Emptying Their Nets: Small Capital and Rural Industrialization in the Fishing Industry of Nova Scotia
Description
Contains Illustrations, Maps, Bibliography, Index
$65.00
ISBN 0-8020-5894-9
DDC 338.3'727'09716
Author
Publisher
Year
Contributor
John Van West is a policy analyst at the Ontario Native Affairs
Secretariat.
Review
This study explores the genesis and persistence of structural
differentiation in Nova Scotia’s industrial fisheries. Apostle and
Barrett, the two principal authors, along with seven other
co-contributors, argue that a constellation of factors, underpinned by
resource, economic, and social influences, have frustrated the attempts
of large capital to concentrate capital in the Atlantic fisheries. The
authors advance the view that these factors have continued to supporting
the dynamic reproduction of small capital, despite predictions to the
contrary of its demise as large capital assumed, in the Nova Scotia
context at least, a position of truncated dominance. Apostle and Barrett
note that an unfortunate consequence of the industrial structure was the
emergence of a populist ideology, central to which is the concept of
rugged individual entrepreneurship; this ideology, the authors suggest,
has compromised the ability of small capital to collectivize in times of
crisis.
This book is not about fishing people and communities per se but
rather, more fundamentally, about the industry’s productive capacities
and its markets, financial characteristics, harvesting technologies, and
labor processes. Thus, aside from the book’s well-crafted theoretical
overview, and those chapters addressing family and community
institutions, there is very little inherently sociological about its
analysis. Indeed, the authors use the language of economics to convey
their points of view, and frequently rely on tables, maps, and
statistical facts to support their arguments.
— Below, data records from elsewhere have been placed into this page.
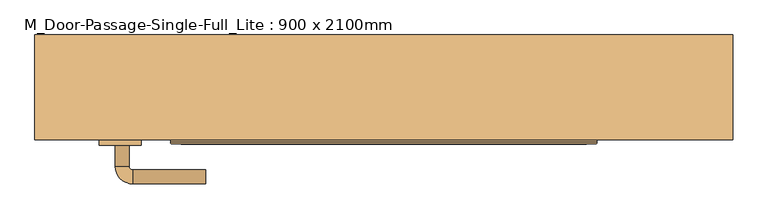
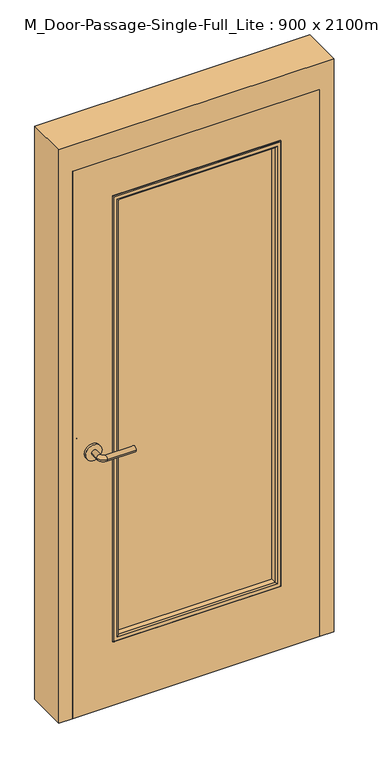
"""IFC4 building model written with IfcOpenShell, lengths in millimetres: door geometry, M_Door-Passage-Single-Full_Lite : 900 x 2100mm."""

from ifc_helpers import new_model, si_unit, point, frame, frame_2d, origin, place, context, project, spatial, polyline, circle_curve, ellipse_curve, trimmed, segment, composite_curve, outline, extrude, faceted_brep, source, transform, mapped, element, save
from ifc_brep_helpers import plane_surface, cylinder_surface, revolved_surface, advanced_brep


def m_door_passage_single_full_lite_900_x_2100mm_803eef12(model_context):
    return source(origin(), model_context, "Body", "SolidModel", [
        advanced_brep(
        [(-384.990625, 26.65, 1000.0), (-364.990625, 26.65, 1000.0), (-384.990625, 56.65, 1000.0), (-364.990625, 56.65, 1000.0), (-359.990625, 61.65, 1000.0), (-359.990625, 81.65, 1000.0), (-254.990625, 81.65, 1000.0), (-254.990625, 61.65, 1000.0)],
        [
            (0, 1, circle_curve(frame((-374.990625, 26.65, 1000.0), z_axis=(0.0, -1.0, 0.0), x_axis=(1.0, 0.0, 0.0)), 10.0)),
            (1, 0, circle_curve(frame((-374.990625, 26.65, 1000.0), z_axis=(0.0, -1.0, 0.0), x_axis=(1.0, 0.0, 0.0)), 10.0)),
            (0, 2),
            (2, 3, circle_curve(frame((-374.990625, 56.65, 1000.0), z_axis=(0.0, -1.0, 0.0), x_axis=(1.0, 0.0, 0.0)), 10.0)),
            (3, 1),
            (3, 2, circle_curve(frame((-374.990625, 56.65, 1000.0), z_axis=(0.0, -1.0, 0.0), x_axis=(1.0, 0.0, 0.0)), 10.0)),
            (4, 3, circle_curve(frame((-359.990625, 56.65, 1000.0), z_axis=(0.0, 0.0, 1.0), x_axis=(-1.0, 0.0, 0.0)), 5.0)),
            (2, 5, circle_curve(frame((-359.990625, 56.65, 1000.0), z_axis=(0.0, 0.0, -1.0), x_axis=(-1.0, 0.0, 0.0)), 25.0)),
            (5, 4, circle_curve(frame((-359.990625, 71.65, 1000.0), z_axis=(-1.0, 0.0, 0.0), x_axis=(0.0, -1.0, 0.0)), 10.0)),
            (4, 5, circle_curve(frame((-359.990625, 71.65, 1000.0), z_axis=(-1.0, 0.0, 0.0), x_axis=(0.0, -1.0, 0.0)), 10.0)),
            (6, 7, circle_curve(frame((-254.990625, 71.65, 1000.0), z_axis=(1.0, 0.0, 0.0), x_axis=(0.0, -1.0, 0.0)), 10.0)),
            (7, 6, circle_curve(frame((-254.990625, 71.65, 1000.0), z_axis=(1.0, 0.0, 0.0), x_axis=(0.0, -1.0, 0.0)), 10.0)),
            (5, 6),
            (7, 4),
        ],
        [
            plane_surface(frame((-374.990625, 26.65, 1000.0), z_axis=(0.0, -1.0, 0.0), x_axis=(0.0, 0.0, 1.0))),
            cylinder_surface(frame((-374.990625, 26.65, 1000.0), z_axis=(0.0, -1.0, 0.0), x_axis=(1.0, 0.0, 0.0)), 10.0),
            revolved_surface(trimmed(ellipse_curve(frame((-374.990625, 56.65, 1000.0), z_axis=(0.0, -1.0, 0.0), x_axis=(1.0, 0.0, 0.0)), 10.0, 10.0), [point((-384.990625, 56.65, 1000.0))], [point((-364.990625, 56.65, 1000.0))], True, "CARTESIAN"), (-359.990625, 56.65, 1000.0), (0.0, 0.0, -1.0)),
            revolved_surface(trimmed(ellipse_curve(frame((-374.990625, 56.65, 1000.0), z_axis=(0.0, -1.0, 0.0), x_axis=(1.0, 0.0, 0.0)), 10.0, 10.0), [point((-364.990625, 56.65, 1000.0))], [point((-384.990625, 56.65, 1000.0))], True, "CARTESIAN"), (-359.990625, 56.65, 1000.0), (0.0, 0.0, -1.0)),
            plane_surface(frame((-254.990625, 71.65, 1000.0), z_axis=(1.0, 0.0, 0.0), x_axis=(0.0, 0.0, 1.0))),
            cylinder_surface(frame((-359.990625, 71.65, 1000.0), z_axis=(-1.0, 0.0, 0.0), x_axis=(0.0, -1.0, 0.0)), 10.0),
        ],
        [
            (0, [[1, 2]]),
            (1, [[-1, 3, 4, 5]]),
            (1, [[-2, -5, 6, -3]]),
            (2, [[7, -4, 8, 9]]),
            (3, [[-8, -6, -7, 10]]),
            (4, [[11, 12]]),
            (5, [[-9, 13, -12, 14]]),
            (5, [[-10, -14, -11, -13]]),
        ],
    ),
        extrude(outline(composite_curve([segment(trimmed(circle_curve(frame_2d((1000.0, -377.490625)), 30.0), [point((1000.0, -407.490625))], [point((1000.0, -347.490625))], False, "CARTESIAN"), True, "CONTINUOUS"), segment(trimmed(circle_curve(frame_2d((1000.0, -377.490625)), 30.0), [point((1000.0, -347.490625))], [point((1000.0, -407.490625))], False, "CARTESIAN"), True, "CONTINUOUS")], self_intersect=False)), frame((0.0, 18.65, 0.0), z_axis=(0.0, 1.0, 0.0), x_axis=(0.0, 0.0, 1.0)), (0.0, 0.0, 1.0), 8.0),
        advanced_brep(
        [(-384.990625, -34.35, 1000.0), (-364.990625, -34.35, 1000.0), (-364.990625, -64.35, 1000.0), (-384.990625, -64.35, 1000.0), (-359.990625, -69.35, 1000.0), (-359.990625, -89.35, 1000.0), (-254.990625, -89.35, 1000.0), (-254.990625, -69.35, 1000.0)],
        [
            (0, 1, circle_curve(frame((-374.990625, -34.35, 1000.0), z_axis=(0.0, 1.0, 0.0), x_axis=(1.0, 0.0, 0.0)), 10.0)),
            (1, 0, circle_curve(frame((-374.990625, -34.35, 1000.0), z_axis=(0.0, 1.0, 0.0), x_axis=(1.0, 0.0, 0.0)), 10.0)),
            (1, 2),
            (2, 3, circle_curve(frame((-374.990625, -64.35, 1000.0), z_axis=(0.0, 1.0, 0.0), x_axis=(1.0, 0.0, 0.0)), 10.0)),
            (3, 0),
            (3, 2, circle_curve(frame((-374.990625, -64.35, 1000.0), z_axis=(0.0, 1.0, 0.0), x_axis=(1.0, 0.0, 0.0)), 10.0)),
            (4, 5, circle_curve(frame((-359.990625, -79.35, 1000.0), z_axis=(-1.0, 0.0, 0.0), x_axis=(0.0, 1.0, 0.0)), 10.0)),
            (5, 3, circle_curve(frame((-359.990625, -64.35, 1000.0), z_axis=(0.0, 0.0, -1.0), x_axis=(-1.0, 0.0, 0.0)), 25.0)),
            (2, 4, circle_curve(frame((-359.990625, -64.35, 1000.0), z_axis=(0.0, 0.0, 1.0), x_axis=(-1.0, 0.0, 0.0)), 5.0)),
            (5, 4, circle_curve(frame((-359.990625, -79.35, 1000.0), z_axis=(-1.0, 0.0, 0.0), x_axis=(0.0, 1.0, 0.0)), 10.0)),
            (6, 7, circle_curve(frame((-254.990625, -79.35, 1000.0), z_axis=(1.0, 0.0, 0.0), x_axis=(0.0, 1.0, 0.0)), 10.0)),
            (7, 6, circle_curve(frame((-254.990625, -79.35, 1000.0), z_axis=(1.0, 0.0, 0.0), x_axis=(0.0, 1.0, 0.0)), 10.0)),
            (4, 7),
            (6, 5),
        ],
        [
            plane_surface(frame((-374.990625, -34.35, 1000.0), z_axis=(0.0, 1.0, 0.0), x_axis=(0.0, 0.0, 1.0))),
            cylinder_surface(frame((-374.990625, -34.35, 1000.0), z_axis=(0.0, 1.0, 0.0), x_axis=(1.0, 0.0, 0.0)), 10.0),
            revolved_surface(trimmed(ellipse_curve(frame((-374.990625, -64.35, 1000.0), z_axis=(0.0, -1.0, 0.0), x_axis=(1.0, 0.0, 0.0)), 10.0, 10.0), [point((-384.990625, -64.35, 1000.0))], [point((-364.990625, -64.35, 1000.0))], True, "CARTESIAN"), (-359.990625, -64.35, 1000.0), (0.0, 0.0, -1.0)),
            revolved_surface(trimmed(ellipse_curve(frame((-374.990625, -64.35, 1000.0), z_axis=(0.0, -1.0, 0.0), x_axis=(1.0, 0.0, 0.0)), 10.0, 10.0), [point((-364.990625, -64.35, 1000.0))], [point((-384.990625, -64.35, 1000.0))], True, "CARTESIAN"), (-359.990625, -64.35, 1000.0), (0.0, 0.0, -1.0)),
            plane_surface(frame((-254.990625, -79.35, 1000.0), z_axis=(1.0, 0.0, 0.0), x_axis=(0.0, 0.0, 1.0))),
            cylinder_surface(frame((-359.990625, -79.35, 1000.0), z_axis=(-1.0, 0.0, 0.0), x_axis=(0.0, 1.0, 0.0)), 10.0),
        ],
        [
            (0, [[1, 2]]),
            (1, [[3, 4, 5, -2]]),
            (1, [[-5, 6, -3, -1]]),
            (2, [[7, 8, -4, 9]]),
            (3, [[10, -9, -6, -8]]),
            (4, [[11, 12]]),
            (5, [[13, -11, 14, -7]]),
            (5, [[-14, -12, -13, -10]]),
        ],
    ),
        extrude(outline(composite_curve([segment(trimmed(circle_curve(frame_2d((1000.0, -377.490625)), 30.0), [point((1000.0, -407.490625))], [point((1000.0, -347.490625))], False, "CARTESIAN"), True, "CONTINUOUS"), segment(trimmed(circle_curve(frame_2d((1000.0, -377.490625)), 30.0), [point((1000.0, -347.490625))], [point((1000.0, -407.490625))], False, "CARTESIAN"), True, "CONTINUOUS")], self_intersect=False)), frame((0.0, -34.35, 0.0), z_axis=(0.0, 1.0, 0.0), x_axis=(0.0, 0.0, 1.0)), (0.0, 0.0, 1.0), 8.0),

The bewildering level of
detail (maps excluded) tends to obfuscate and overwhelm. In subsequent
editions of the book, the authors might consider, for the sake of
story-line clarity, diverting some of the hard data to footnotes or
appendices.
Apart from these imperfections, the book is well organized
(particularly helpful are the summaries that conclude each chapter) and
sound in its conclusions. East Coast fishers are suffering hardship
because of state mismanagement of the stocks. Federal bureaucrats
struggling to salvage what remains of the East Coast fishery would be
well advised to read this book.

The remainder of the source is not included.